Investors certainly seem to be taking the reports seriously, but Height Securities analyst Clayton Allen said in a Monday note that the timing of the report suggests it could be at least in part politically motivated.
“The suggestion, attributed to anonymous sources, comes just days before the California legislature reconvenes today, and may pressure legislators to more hastily address whether to allow PCG to pass through costs associated with the devastating 2018 wildfires to customers,” Allen said.
Without some form of legislative action from the state of California, PG&E will likely soon get its credit downgraded to junk status and be forced into bankruptcy, the analyst said.
Preparing For The Worst
PG&E is already exploring the sale of its gas assets to cover liability costs related to the wildfires, according to Height.

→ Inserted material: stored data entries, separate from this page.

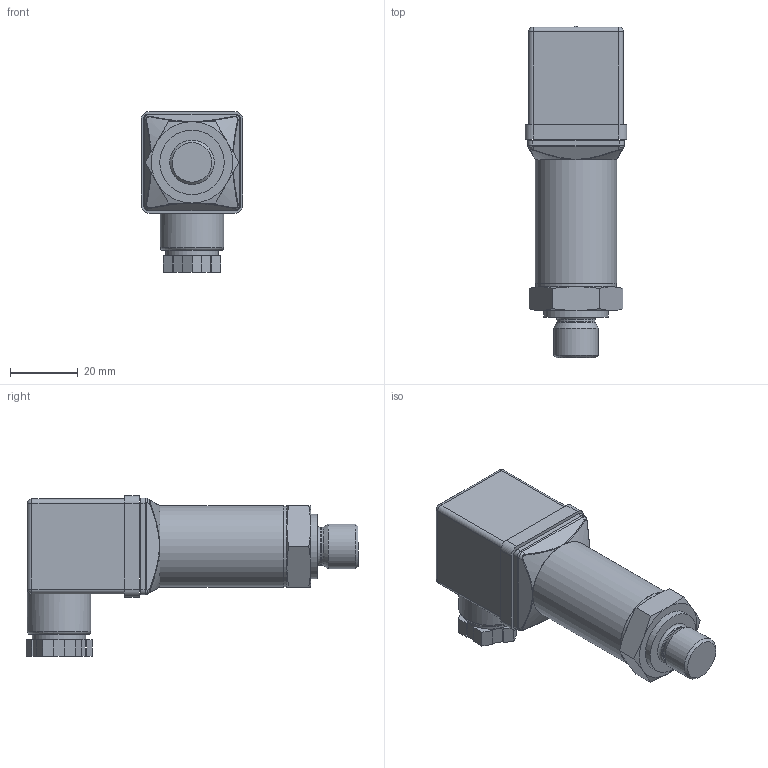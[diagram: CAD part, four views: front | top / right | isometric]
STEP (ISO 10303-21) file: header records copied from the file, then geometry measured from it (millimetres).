
FILE_DESCRIPTION(/* description */ (''),/* implementation_level */ '2;1');
FILE_NAME(/* name */ 'C:\daten\BDS inventor\26\26.600 G-xxxx-R-x-x-100-300-x-xxx.stp',/* time_stamp */ '2020-10-16T13:14:18+02:00',/* author */ ('CZ1067'),/* organization */ (''),/* preprocessor_version */ 'ST-DEVELOPER v16.5',/* originating_system */ 'Autodesk Inventor 2017',/* authorisation */ '');
FILE_SCHEMA (('AUTOMOTIVE_DESIGN { 1 0 10303 214 3 1 1 }'));
Length unit declared in the file: millimetre
Products named in the file (1): 26.600 G-xxxx-R-x-x-100-300-x-xxx
Bounding box: 30 x 97.96 x 47.5 mm (x, y, z)
Surface area: 14627.6 mm2 (no closed solid volume)
Topology: 0 solids, 9 shells, 117 faces, 342 edges, 211 vertices
Faces by surface type: plane 57, cylinder 32, cone 13, bspline 8, sphere 4, torus 3
Full cylindrical faces by diameter (mm): 11.2 x1, 13.157 x1, 15.7 x1, 18.8 x1, 19 x1, 23.8 x1, 24 x1
Entity records: 4151 total; most frequent: CARTESIAN_POINT 1112, DIRECTION 602, ORIENTED_EDGE 534, EDGE_CURVE 324, AXIS2_PLACEMENT_3D 220, VERTEX_POINT 210, LINE 162, VECTOR 162

In June, California found PG&E equipment was responsible for starting dozens of fires throughout the state in 2017. The state is now investigating whether PG&E equipment was responsible for starting 2018’s Camp Fire, the most destructive wildfire in California history.
A potential $30 billion in liability for PG&E would far outpace its market cap of $12.6 billion.
“We argue bankruptcy may be a substantive solution for several of PCG’s woes, and should be considered a credible risk by shareholders,” Allen said.
UBS analyst Daniel Ford said Monday there is too much uncertainty surrounding PG&E stock to buy the dip. UBS has a Neutral rating and new $29 price target for PG&E.
“Our base valuation of $29 up from $26 now assumes PCG is not liable for Tubbs and reflects a higher $15.1-billion net liability ($11.3 billion prior) for 2017 and 2018 due to the Camp fire, but a lower cost of funding (7.5 percent versus 9 percent WACC),” Ford said.
Even if PG&E avoids bankruptcy, the stock could also still have more than 50 percent of additional downside to the $9 range in a worst-case liability scenario similar to the one CNBC reported, the analyst said.
Following Monday morning’s sell-off, PG&E shares are now down 61.1 percent in the past three months.